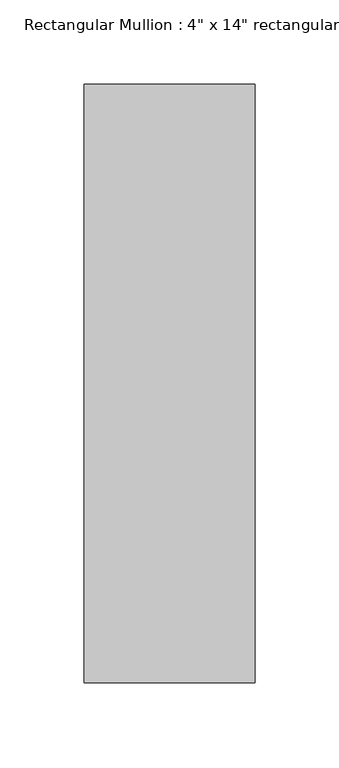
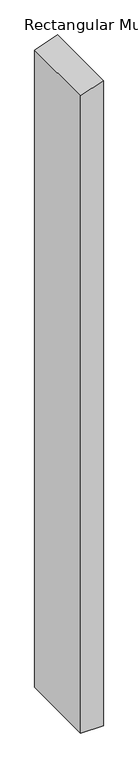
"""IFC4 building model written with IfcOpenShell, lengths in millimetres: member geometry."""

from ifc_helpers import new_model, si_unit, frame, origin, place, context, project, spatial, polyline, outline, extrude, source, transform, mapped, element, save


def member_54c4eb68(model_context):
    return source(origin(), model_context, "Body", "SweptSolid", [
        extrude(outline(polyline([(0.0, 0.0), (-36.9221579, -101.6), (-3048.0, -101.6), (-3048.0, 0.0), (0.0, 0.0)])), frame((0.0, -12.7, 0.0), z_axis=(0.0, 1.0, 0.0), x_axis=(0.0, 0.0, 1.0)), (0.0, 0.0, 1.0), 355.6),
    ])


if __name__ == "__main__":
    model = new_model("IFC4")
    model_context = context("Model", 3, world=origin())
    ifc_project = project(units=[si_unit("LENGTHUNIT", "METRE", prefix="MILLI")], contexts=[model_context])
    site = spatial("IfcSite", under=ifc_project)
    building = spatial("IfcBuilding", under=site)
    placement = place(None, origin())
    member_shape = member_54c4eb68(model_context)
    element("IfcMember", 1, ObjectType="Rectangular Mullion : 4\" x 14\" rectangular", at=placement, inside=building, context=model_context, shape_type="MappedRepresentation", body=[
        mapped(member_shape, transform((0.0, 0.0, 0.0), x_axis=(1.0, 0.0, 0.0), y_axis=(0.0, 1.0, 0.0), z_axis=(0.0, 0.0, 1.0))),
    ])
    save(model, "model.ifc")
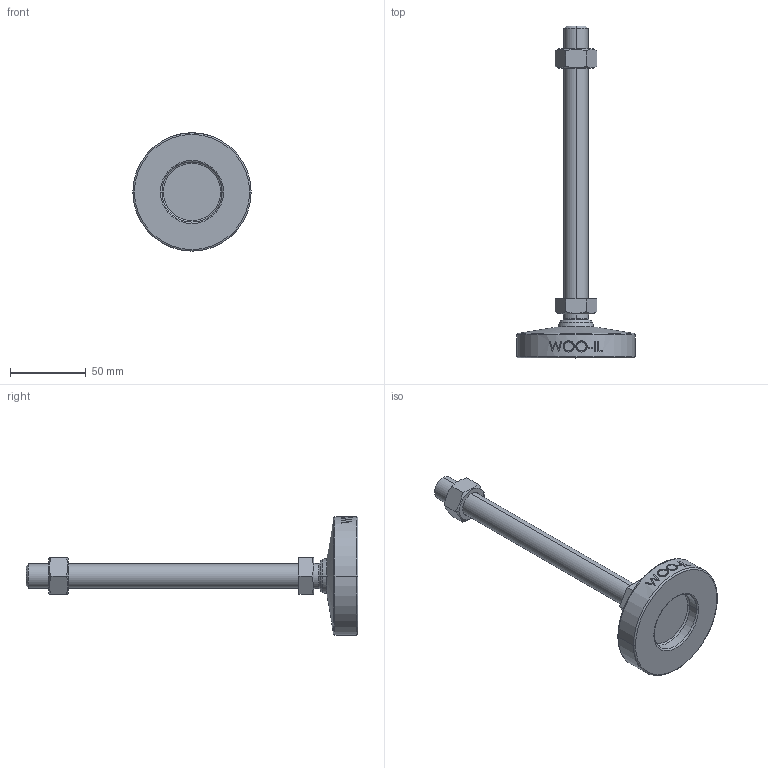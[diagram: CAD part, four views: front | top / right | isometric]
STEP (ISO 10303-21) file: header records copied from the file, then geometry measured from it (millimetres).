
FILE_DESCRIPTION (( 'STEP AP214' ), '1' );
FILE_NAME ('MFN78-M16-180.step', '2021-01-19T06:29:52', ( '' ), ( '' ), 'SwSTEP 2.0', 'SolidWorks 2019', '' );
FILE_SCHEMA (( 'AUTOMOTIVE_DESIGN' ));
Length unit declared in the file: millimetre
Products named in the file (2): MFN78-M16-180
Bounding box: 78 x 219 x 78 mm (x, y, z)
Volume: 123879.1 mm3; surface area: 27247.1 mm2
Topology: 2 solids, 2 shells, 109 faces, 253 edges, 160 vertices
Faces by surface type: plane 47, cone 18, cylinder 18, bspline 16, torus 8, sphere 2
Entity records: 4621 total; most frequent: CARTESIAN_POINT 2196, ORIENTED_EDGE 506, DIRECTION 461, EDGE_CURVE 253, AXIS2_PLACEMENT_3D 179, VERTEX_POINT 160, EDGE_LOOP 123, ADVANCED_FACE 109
######
Scan the listing above. Gather each line that contains the word "source".

from ifc_helpers import new_model, si_unit, frame, origin, place, context, project, spatial, polyline, outline, extrude, source, transform, mapped, element, save
    return source(origin(), model_context, "Body", "SweptSolid", [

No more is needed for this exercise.